Un programme de recherche, dirigé par l’Université de Nottingham, a été lancé afin de développer des matériaux capables, d’une part, d’adsorber de fortes quantités de CO2, et, d’autre part, de résister à un environnement chargé en gaz de combustion dont la température est comprise entre 40 °C et 75 °C, comme par exemple dans une cheminée de centrale électrique.
Les chercheurs et ingénieurs de l’Université de Nottingham cherchent en effet à modifier chimiquement la surface de certains types de matériaux dans le but de renforcer leur capacité à adsorber le CO2. Si leurs travaux s’avéraient concluants, cela permettrait d’éviter le recours au captage du CO2 en post combustion, technique fortement chimique qui consiste à capturer le carbone après sa combustion, donc quand il est dilué dans les fumées. Ce procédé se fait au moyen de solvants chimiques, comme les amines ou l’ammoniaque, qui sont ensuite régénérés. Cette technologie, utilisée dans l’industrie gazière pour extraire le CO2 dans le gaz naturel, peut s’intégrer aux centrales électrique à combustion fossile existantes, mais pénalise lourdement leur rentabilité énergétique.

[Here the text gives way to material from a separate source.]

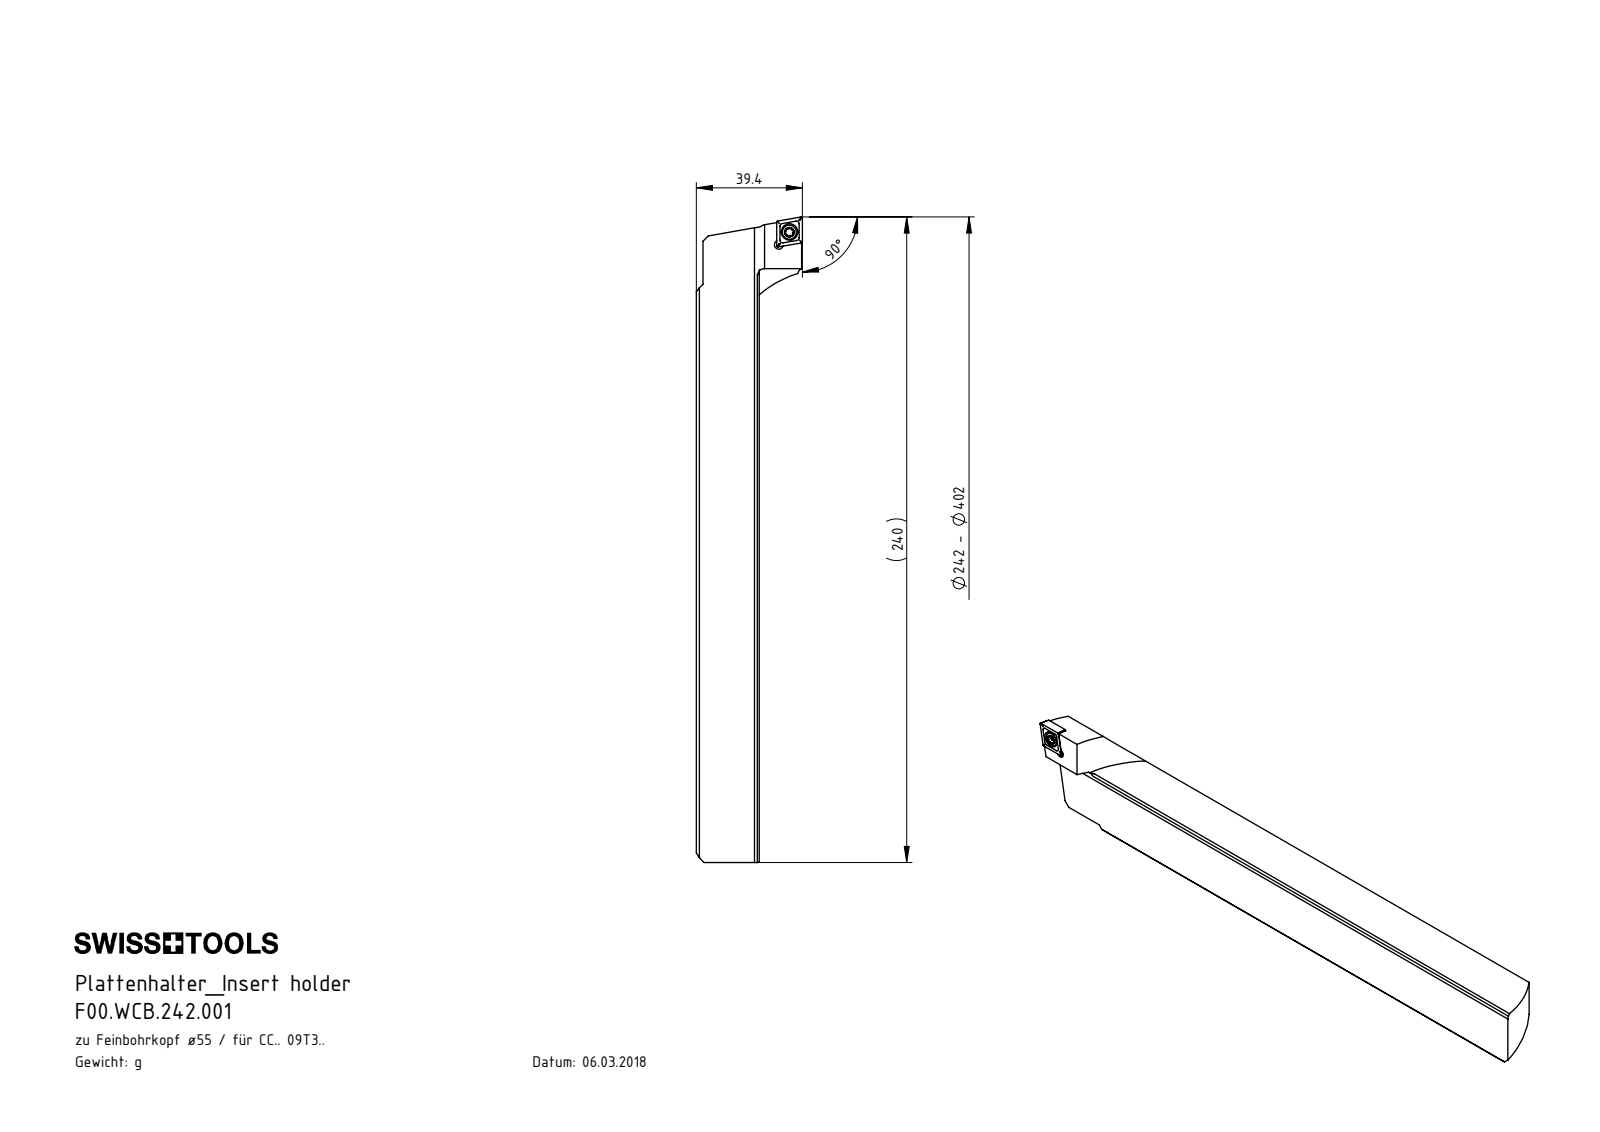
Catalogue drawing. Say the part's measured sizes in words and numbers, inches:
The part is named "CCMT09T304; WCB-ER2.001.009_A; F00.WCB.242.001; F00-WCB.242.001_C". Its 3-D file was written by "SolidWorks 2017 (AUTOMOTIVE_DESIGN)". It is 3 solids with 916 faces: 564 planar, 39 cylindrical and 313 other. Overall it measures 9.432 by 1.551 by 1.077 inches. Its volume is 6.119 cubic inches and its surface area 37.42 square inches. Round holes: 2 of diameter 0.13, 1 of diameter 0.173, 1 of diameter 0.24. Round bosses or shafts: 1 of diameter 0.207, 1 of diameter 0.157. Partial cylindrical surfaces (rounded edges, fillets, slot ends): 8 of radius 0.008, 6 of radius 0.013, 6 of radius 0.023, 3 of radius 1.575, 1 of radius 0.031. The main face-to-face distances are 0.094, 0.187, 0.839, 0.281, 0.375, 0.188, 0.281, 0.375, 0.469, 0.563. The hole center spacings are 0.239, 0.244.
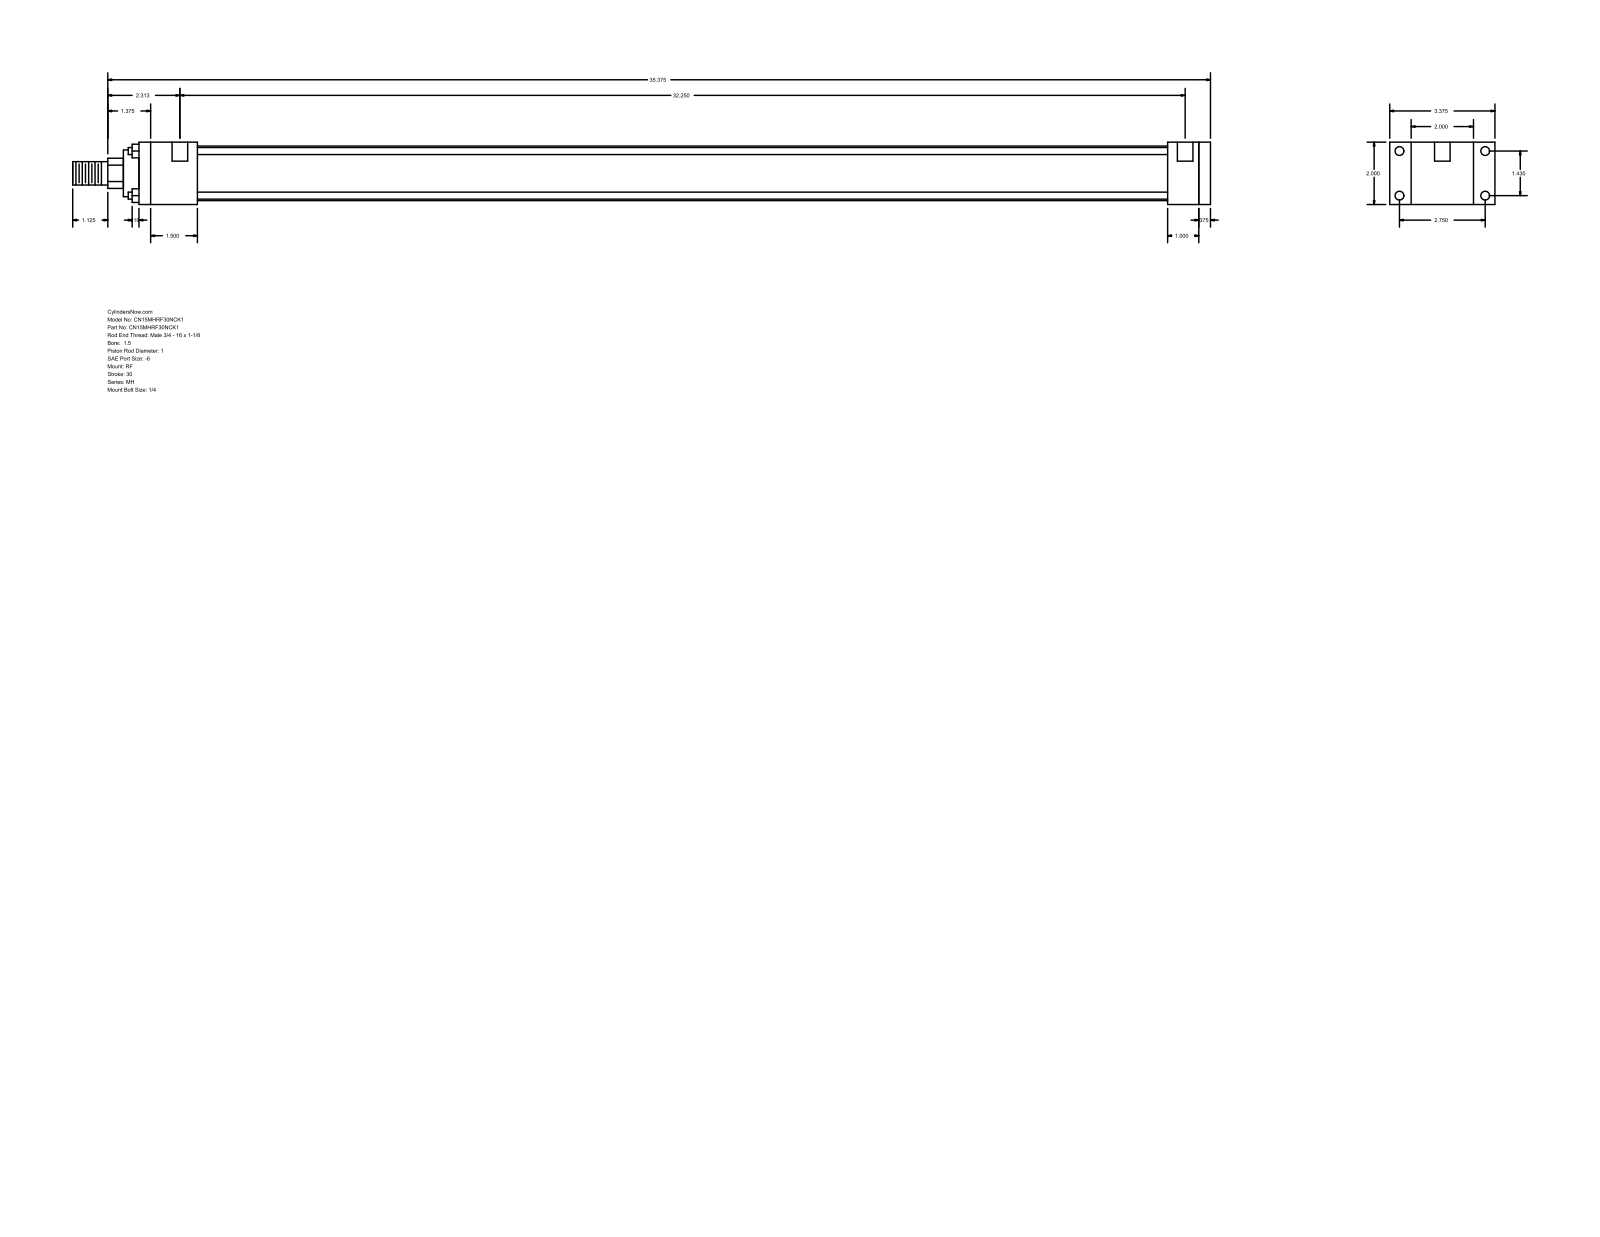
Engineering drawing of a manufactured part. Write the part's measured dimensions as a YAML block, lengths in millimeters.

Ce projet sera financé à hauteur de 1,6 million de livres par la société E.ON et le conseil de recherche Engineering and Physical Sciences Research Council (EPSRC, conseil de recherche pour les sciences physiques et de l’ingénieur) qui travaillent ensemble à promouvoir de nouvelles technologies permettant de capter et de stocker les émissions de CO2 issues de centrales électriques à combustibles fossiles.

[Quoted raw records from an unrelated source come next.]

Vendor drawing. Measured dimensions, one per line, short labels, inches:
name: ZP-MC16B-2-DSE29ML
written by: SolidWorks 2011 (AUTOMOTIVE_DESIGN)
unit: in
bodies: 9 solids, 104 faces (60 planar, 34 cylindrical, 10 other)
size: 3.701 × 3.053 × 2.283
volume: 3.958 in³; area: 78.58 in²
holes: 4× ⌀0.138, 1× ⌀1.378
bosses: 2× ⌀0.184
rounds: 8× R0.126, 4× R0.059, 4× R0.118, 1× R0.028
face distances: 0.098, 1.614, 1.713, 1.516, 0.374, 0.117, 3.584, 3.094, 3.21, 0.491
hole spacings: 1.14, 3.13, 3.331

Le Dr Trevor Drage de l’Université de Nottingham, chef de file du programme, affirme que son équipe de recherche se penchera sur trois types de matériaux poreux adsorbants : les micro-polymères, les hydrotalcites et les matériaux hybrides. Il ajoute que ceux-ci seront élaborés par l’Université de Nottingham et ses partenaires universitaires, à savoir : University College London (UCL), l’Université de Liverpool et l’Université de Birmingham.
Toujours selon le Dr Drage, le prochain défi sera de concevoir des processus de fonctionnement cyclique permettant par exemple de régénérer et de déplacer de manière efficace les matériaux solides absorbants saturés en CO2. L’équipe de chercheurs devra donc trouver le moyen le plus efficace d’intégrer les matériaux dans la centrale électrique afin de faciliter leur récupération.

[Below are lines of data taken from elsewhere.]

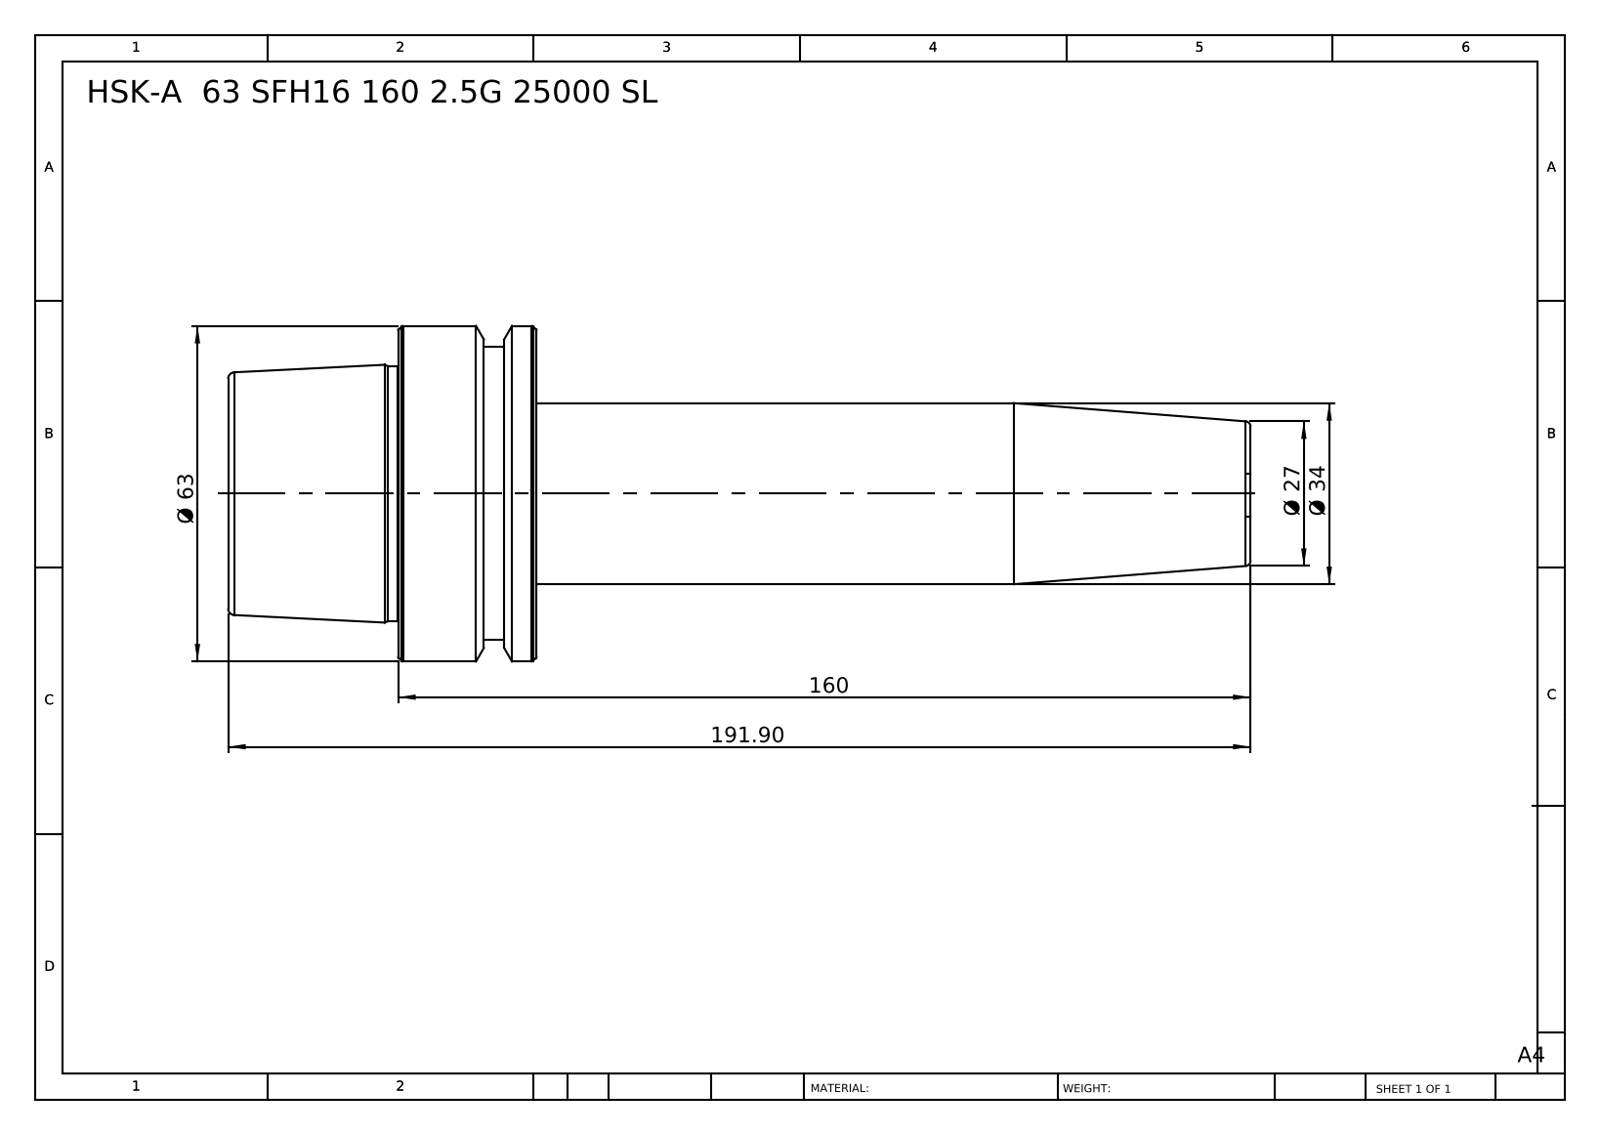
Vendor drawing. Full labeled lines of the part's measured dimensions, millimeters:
Part name (STEP PRODUCT): HSK-A 63 SFH16 160 2.5G 25000 SL
STEP written by: SolidWorks 2014 (CONFIG_CONTROL_DESIGN)
Units: millimetres
Bodies: 1 solid, 46 faces (6 planar, 10 cylindrical, 30 other)
Overall size (bounding box): 191.9 × 63 × 63
Volume: 246 500 mm³ · Surface area: 30 120 mm²
Round bosses / shafts (diameter × count): ⌀63 ×1, ⌀55 ×1, ⌀47.78 ×1, ⌀34 ×1
Main face-to-face distances: 57.9, 26, 31.9, 134, 160, 191.9, 140.1, 6.1, 19.9, 51.8

La régénération des matériaux absorbants serait d’un grand intérêt économique, étant donné qu’elle faciliterait leur recyclage. La dite régénération consisterait essentiellement en la désorption du CO2 adsorbé, ce qui permettrait de rétablir le pouvoir d’adsorption des matériaux.
Les premiers tests en laboratoire se feront par simulation multi-échelle. Toutefois, le groupe de recherche espère pouvoir utiliser de véritables gaz de combustion.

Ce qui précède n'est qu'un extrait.